Anne-Marie Idrac, présidente de la SNCF, a tout de suite souligné que cette dette n’était que « purement technique et n’a rien à voir avec les droits, avec le régime lui-même » (1). Pour les autres régimes et pour les Français cela ne sera pas uniquement technique mais très concret car il faudra bien payer un jour ou l’autre ces 100 milliards €. Même quand elle est appliquée à tout un pays, la retraite par répartition n’est pas garantie. Et le pari devient très risqué quand la répartition est limitée à une entreprise. Très avantageuse quand tout va bien (pas de solidarité avec les autres régimes), le système est en faillite dès que le nombre d’adhérents baisse (SNCF) ou si l’entreprise disparaît (Mines). Tous les ans les contribuables français versent une subvention d’équilibre de l’ordre de 2,5 milliards d’€ au régime spécial de la SNCF.

En retraite en % 2005 SNCF CNAV – Privé
Avant 55 ans 13 0
A 55 ans 74 0
Total à 60 ans 100 69
Entre 61 et 64 ans 11
A 65 ans et plus 20
Sources : rapport sur les régimes spéciaux, Sénateur Dominique Leclerc

A 55 ans, pratiquement tout le monde prend sa retraite

Sur le problème de fond, la réforme des régimes spéciaux et leur alignement sur le secteur privé, tous les candidats à l’élection présidentielle s’y sont déclarés favorables et 84 % des Français la réclament. Les syndicats ont senti le vent venir et la CGT a déjà déclaré que « toute tentative de remise en cause du régime de retraite des cheminots et de ces acquis entraînerait une réaction immédiate des agents avec leur organisation syndicale ». [1]

Les cheminots ne sont évidemment pas des « nantis », mais il est légitime de comparer leur situation aux catégories équivalentes du privé. À l’âge de 55 ans pratiquement tous les employés de la SNCF sont en retraite alors que tous les employés du privé sont encore en activité.

A la SNCF, le système de retraite précoce est généralisé. Son bilan social de 2004 indique que sur 4847 cadres permanents, y compris 112 cadres supérieurs, 3 départs en retraite ont eu lieu à la limite d’âge et 4844 avant la limite d’âge.

À l’âge de 50 ans les conducteurs de train peuvent partir dans des conditions très favorables s’ils ont 15 ans de carrière de conduite.

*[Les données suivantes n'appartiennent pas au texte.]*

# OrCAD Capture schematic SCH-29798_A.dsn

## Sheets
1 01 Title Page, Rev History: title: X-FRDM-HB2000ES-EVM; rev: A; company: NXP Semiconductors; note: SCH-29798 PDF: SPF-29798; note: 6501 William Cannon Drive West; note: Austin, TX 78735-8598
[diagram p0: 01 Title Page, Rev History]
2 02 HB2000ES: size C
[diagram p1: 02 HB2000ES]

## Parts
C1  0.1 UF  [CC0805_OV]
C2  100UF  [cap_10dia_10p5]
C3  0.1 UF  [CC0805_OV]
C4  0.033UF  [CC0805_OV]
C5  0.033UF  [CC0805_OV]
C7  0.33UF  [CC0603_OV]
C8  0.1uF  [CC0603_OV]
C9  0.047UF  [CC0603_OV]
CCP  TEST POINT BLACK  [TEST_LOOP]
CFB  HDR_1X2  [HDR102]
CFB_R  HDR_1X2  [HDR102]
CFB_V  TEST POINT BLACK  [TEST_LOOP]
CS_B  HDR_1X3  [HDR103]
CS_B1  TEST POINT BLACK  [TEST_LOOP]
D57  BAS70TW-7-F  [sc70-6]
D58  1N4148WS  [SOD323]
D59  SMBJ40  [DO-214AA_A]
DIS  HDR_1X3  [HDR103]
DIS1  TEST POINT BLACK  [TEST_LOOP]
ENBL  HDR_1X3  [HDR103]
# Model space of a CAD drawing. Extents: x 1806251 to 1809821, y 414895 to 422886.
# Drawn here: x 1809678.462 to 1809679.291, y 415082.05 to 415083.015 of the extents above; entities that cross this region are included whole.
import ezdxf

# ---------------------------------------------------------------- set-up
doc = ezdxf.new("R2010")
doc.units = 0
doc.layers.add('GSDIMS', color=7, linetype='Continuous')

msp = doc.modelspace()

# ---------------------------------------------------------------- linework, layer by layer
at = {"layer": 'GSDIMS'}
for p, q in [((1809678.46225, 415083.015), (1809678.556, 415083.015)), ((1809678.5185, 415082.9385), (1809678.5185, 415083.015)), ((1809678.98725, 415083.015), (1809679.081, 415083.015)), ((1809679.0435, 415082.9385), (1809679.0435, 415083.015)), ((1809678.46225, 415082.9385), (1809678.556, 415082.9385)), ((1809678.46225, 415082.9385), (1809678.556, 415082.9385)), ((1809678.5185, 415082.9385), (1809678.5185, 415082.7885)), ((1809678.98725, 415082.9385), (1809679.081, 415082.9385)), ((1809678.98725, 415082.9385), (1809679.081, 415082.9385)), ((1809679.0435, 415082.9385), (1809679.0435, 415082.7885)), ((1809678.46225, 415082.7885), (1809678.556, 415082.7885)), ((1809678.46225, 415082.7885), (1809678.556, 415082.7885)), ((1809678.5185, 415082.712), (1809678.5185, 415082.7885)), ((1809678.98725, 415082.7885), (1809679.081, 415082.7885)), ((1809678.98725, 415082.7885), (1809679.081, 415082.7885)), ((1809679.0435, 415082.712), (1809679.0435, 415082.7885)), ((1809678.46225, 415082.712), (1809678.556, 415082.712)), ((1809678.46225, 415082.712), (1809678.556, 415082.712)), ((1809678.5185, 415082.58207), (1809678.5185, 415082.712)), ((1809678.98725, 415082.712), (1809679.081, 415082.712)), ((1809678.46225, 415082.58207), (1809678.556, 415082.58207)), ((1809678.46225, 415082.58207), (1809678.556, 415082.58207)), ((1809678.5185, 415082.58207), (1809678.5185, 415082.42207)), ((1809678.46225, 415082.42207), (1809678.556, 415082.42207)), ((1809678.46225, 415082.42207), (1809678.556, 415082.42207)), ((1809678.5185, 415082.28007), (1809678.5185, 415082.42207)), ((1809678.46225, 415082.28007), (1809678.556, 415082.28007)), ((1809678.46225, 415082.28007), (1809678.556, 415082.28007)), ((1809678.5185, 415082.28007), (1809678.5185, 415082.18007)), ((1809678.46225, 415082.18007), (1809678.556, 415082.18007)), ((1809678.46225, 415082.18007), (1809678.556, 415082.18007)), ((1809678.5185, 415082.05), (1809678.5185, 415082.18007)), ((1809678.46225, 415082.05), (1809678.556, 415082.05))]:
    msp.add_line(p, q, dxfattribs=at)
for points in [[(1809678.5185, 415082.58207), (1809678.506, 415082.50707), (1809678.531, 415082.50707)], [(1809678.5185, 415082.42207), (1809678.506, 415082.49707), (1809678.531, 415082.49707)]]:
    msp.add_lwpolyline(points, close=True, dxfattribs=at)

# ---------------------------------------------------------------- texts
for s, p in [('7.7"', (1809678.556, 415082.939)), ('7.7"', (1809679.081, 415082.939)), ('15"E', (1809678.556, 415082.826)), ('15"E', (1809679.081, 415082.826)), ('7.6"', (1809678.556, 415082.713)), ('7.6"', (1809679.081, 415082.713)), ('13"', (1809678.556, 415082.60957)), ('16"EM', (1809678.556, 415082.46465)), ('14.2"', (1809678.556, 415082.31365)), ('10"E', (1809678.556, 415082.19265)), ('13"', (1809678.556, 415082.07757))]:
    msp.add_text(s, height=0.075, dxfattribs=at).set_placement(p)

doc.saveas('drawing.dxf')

Grâce à un jeu de bonifications la plupart partent à la retraite à taux plein au bout de 30 ans de carrière mais avec une pension équivalente à 37,5 années de service (environ 2000 € par mois) et une espérance de vie proche de 30 ans. Les salariés du privé ont en moyenne 22 ans de retraite pour 40 années d’activité.

La pension moyenne servie aux 168 132 cheminots retraités (droits directs) est de 1 620 € par mois. Dans le secteur privé, la retraite moyenne d’une personne ayant eu une carrière complète est de 1465 €. Ces deux nombres relativement proches ne suffisent pas pour évaluer l’équité du système de façon objective. Le Sénat a donc cherché à savoir quel est le taux de rendement des différents régimes de retraite, ou combien rapportent par an les sommes que les salariés et leurs employeurs auront placées en vue de la retraite.

Taux de rendement annuel des cotisations retraites
Privé de 2,0 à 2,1% selon les cas
SNCF de 2,6 à 3,0% (départs à 60 ans)
SNCF de 3,8 à 4,8% (départs entre 50 et 55 ans)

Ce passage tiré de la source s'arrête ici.